KDnuggets Home » News » 2017 » Aug » Opinions, Interviews » The Rise of GPU Databases ( 17:n32 )

Gold Blog, Aug 2017The Rise of GPU Databases

The recent but noticeable shift from CPUs to GPUs is mainly due to the unique benefits they bring to sectors like AdTech, finance, telco, retail, or security/IT . We examine where GPU databases shine.

By Ami Gal, CEO Sqream.

You might not have realized it, but this year saw an important revolution in the way we design and use computing resources. The change? Many businesses and cloud providers began shifting from traditional central processing unit (CPU) processing to using a graphics processing unit (GPU). GPU databases are the latest development in this trend, and they have the potential to completely change the way databases operate.

Here’s how they change the game and where they’re best applied:

Benefits of a GPU Database

GPU databases offer significant improvements over the conventional CPU database when performing repetitive operations on large amounts of data. This is because GPUs can have thousands of cores and high bandwidth memory on each card.

The GPU offers many unique benefits;

  • More rapid innovation. GPUs still conform to Amdahl’s law, typically increase in efficiency at twice the rate of CPUs with a much faster release cycle
  • GPUs are typically 10x-100x faster at processing the same workloads, compared to CPUs
  • GPUs are much smaller (6.5x – 20x smaller than a CPU.) Just 16 GPU-accelerated servers could perform as well as a 1000 CPU cluster
  • The ability to visualize and process data in real time. Since the data is on a powerful graphics rendering engine anyway, the results are displayed at lightning speed!
  • Very fast data ingestion rates
  • Near real-time data exploration – Real-time data exploration and fast ingest rate typically mean data scientists and machine learning algorithms really benefit a lot from using the GPU.

Where GPU Databases shine

Just a year or two ago, many in the database world dismissed GPU databases as a fad, perhaps only applicable in small niches alongside in-memory databases. They said that traditional databases were still the way to go.

However, some innovative companies didn’t see it that way. Very quickly, the use of GPU databases has dramatically expanded, with installations across all verticals – including finance, telecoms and even the notoriously late-blooming government sector. Why? Put simply, GPU databases shine when used for analytics, and with a fraction of the investment.
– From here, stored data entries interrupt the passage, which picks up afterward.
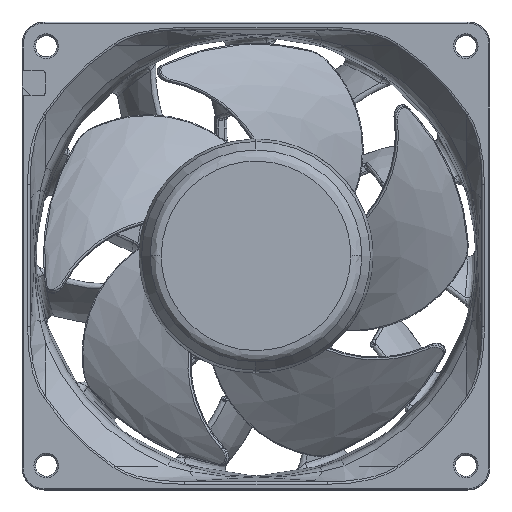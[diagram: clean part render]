
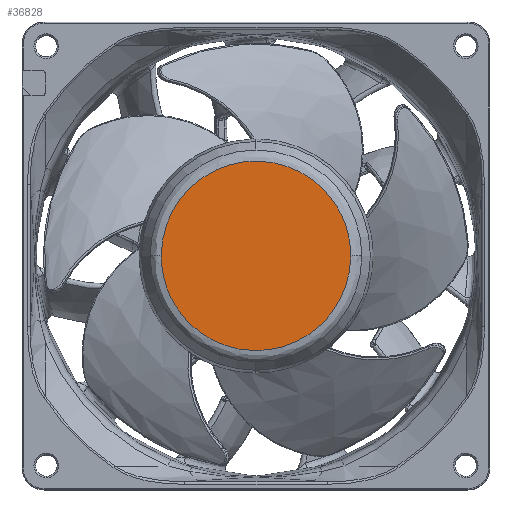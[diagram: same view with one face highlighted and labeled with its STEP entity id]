
A CAD part, top view. The second image highlights one B-rep face of the part: STEP entity #36828.
In plain terms, the highlighted planar face has unit normal (0, 0, 1).
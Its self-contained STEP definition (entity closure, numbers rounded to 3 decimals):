
#2040 = CARTESIAN_POINT ( 'NONE',  ( 18.632, 0., 36. ) ) ;
#4030 = EDGE_CURVE ( 'NONE', #52239, #32361, #29304, .T. ) ;
#7846 = CARTESIAN_POINT ( 'NONE',  ( -18.632, -37.263, 36. ) ) ;
#8664 = AXIS2_PLACEMENT_3D ( 'NONE', #2040, #46528, #18217 ) ;
#8934 = CARTESIAN_POINT ( 'NONE',  ( 18.632, 0., 36. ) ) ;
#9407 = CARTESIAN_POINT ( 'NONE',  ( 18.632, 37.263, 36. ) ) ;
#12363 = CARTESIAN_POINT ( 'NONE',  ( -18.632, 0., 36. ) ) ;
#18217 = DIRECTION ( 'NONE',  ( -1., 0., 0. ) ) ;
#18425 = CARTESIAN_POINT ( 'NONE',  ( -18.632, 37.263, 36. ) ) ;
#18613 = CARTESIAN_POINT ( 'NONE',  ( -18.632, 0., 36. ) ) ;
#22190 = FACE_OUTER_BOUND ( 'NONE', #48556, .T. ) ;
#23867 =( BOUNDED_CURVE ( )  B_SPLINE_CURVE ( 3, ( #45932, #18425, #9407, #34551 ),
 .UNSPECIFIED., .F., .F. ) 
 B_SPLINE_CURVE_WITH_KNOTS ( ( 4, 4 ),
 ( 0., 1. ),
 .UNSPECIFIED. ) 
 CURVE ( )  GEOMETRIC_REPRESENTATION_ITEM ( )  RATIONAL_B_SPLINE_CURVE ( ( 1., 0.333, 0.333, 1. ) ) 
 REPRESENTATION_ITEM ( '' )  );
#26246 = ORIENTED_EDGE ( 'NONE', *, *, #31982, .F. ) ;
#29304 =( BOUNDED_CURVE ( )  B_SPLINE_CURVE ( 3, ( #39894, #36460, #7846, #12363 ),
 .UNSPECIFIED., .F., .F. ) 
 B_SPLINE_CURVE_WITH_KNOTS ( ( 4, 4 ),
 ( 0., 1. ),
 .UNSPECIFIED. ) 
 CURVE ( )  GEOMETRIC_REPRESENTATION_ITEM ( )  RATIONAL_B_SPLINE_CURVE ( ( 1., 0.333, 0.333, 1. ) ) 
 REPRESENTATION_ITEM ( '' )  );
#31982 = EDGE_CURVE ( 'NONE', #32361, #52239, #23867, .T. ) ;
#32361 = VERTEX_POINT ( 'NONE', #18613 ) ;
#34551 = CARTESIAN_POINT ( 'NONE',  ( 18.632, 0., 36. ) ) ;
#36460 = CARTESIAN_POINT ( 'NONE',  ( 18.632, -37.263, 36. ) ) ;
#36828 = ADVANCED_FACE ( 'NONE', ( #22190 ), #39373, .F. ) ;
#39373 = PLANE ( 'NONE',  #8664 ) ;
#39894 = CARTESIAN_POINT ( 'NONE',  ( 18.632, 0., 36. ) ) ;
#45932 = CARTESIAN_POINT ( 'NONE',  ( -18.632, 0., 36. ) ) ;
#46528 = DIRECTION ( 'NONE',  ( 0., 0., -1. ) ) ;
#48556 = EDGE_LOOP ( 'NONE', ( #51439, #26246 ) ) ;
#51439 = ORIENTED_EDGE ( 'NONE', *, *, #4030, .F. ) ;
#52239 = VERTEX_POINT ( 'NONE', #8934 ) ;

GPU databases are a perfect complement for Hadoop which was never designed for relational data analytics. One can look at the U.S. Postal service, which is now using a rack of GPU servers, to understand the advantage. The USPS covers 154 million addresses spread over 200,000 delivery routes, and analyzes each carrier’s location data. So, you can imagine they’ve got a large database.

With this data, they can estimate delivery times, provide real-time notifications to supervisors, and optimize ad-hoc routes. Thanks to their GPU database, they can process these complex queries in the time it takes to load a web page. That’s pretty impressive.

GPU databases represent a tremendous opportunity for AdTech, finance, telco, retail, security/IT, and even the energy industry. They’ve also seen extensive usage in the defense-intelligence complex.

Who Benefits from GPU databases?

While it may seem trivial that all parts of the business may benefit from faster querying, faster ingests and reduced IT costs, it is really the data scientists who benefit the most from GPU databases.

Lightening fast ingest and querying means that typical cycles of data science work are reduced from days to hours. Other workloads may be reduced from hours to minutes or even seconds. Shortening these cycles for these business-critical data science and machine learning workloads, elevates data scientists from common “second-class” database users, to the primary beneficiaries of the GPU databases.

How are GPU Database projects implemented?

  1. Most GPU databases run on the cloud with environments ranging from IBM Bluemix to Amazon AWS. However, on premise databases and hybrid setups are possible as well. Once the database is set up, standard SQL is used to query data using industry standard drivers including:
  • Python, Jupyter, sklearn…
  • R and other ML libraries

After that, scaling up is typically as easy as adding another GPU to the box. Since each GPU features so much computing power, adding a new box is less common. In fact, with some GPU databases, up to 100TB of raw data can be stored and queried in a standard 2U server.

The whole setup process for most GPU databases is usually incredibly simple, requiring little data modeling and no new/expensive development and usage skills. Most GPU databases are often compatible with your ecosystem as well. They play nice with your existing data sources, data acquisition tools, and even your BI, reporting, analytics, and visualization tools

Final Thoughts

Given that the volume of data is now doubling every two years, storage systems are predicted to hold around 17.6 Trillion gigabytes of data by the end of the year. But, big data is only as useful as its rate of analysis. With fast analysis, your data will add value to your organization in ways you can’t yet imagine.

If your business is dependent on a traditional database you should already be thinking about the kind of GPU database that would be right for you. After all, the demands on your system are only going to continue to increase.

Bio: Ami Gal is CEO & Co-founder at SQream.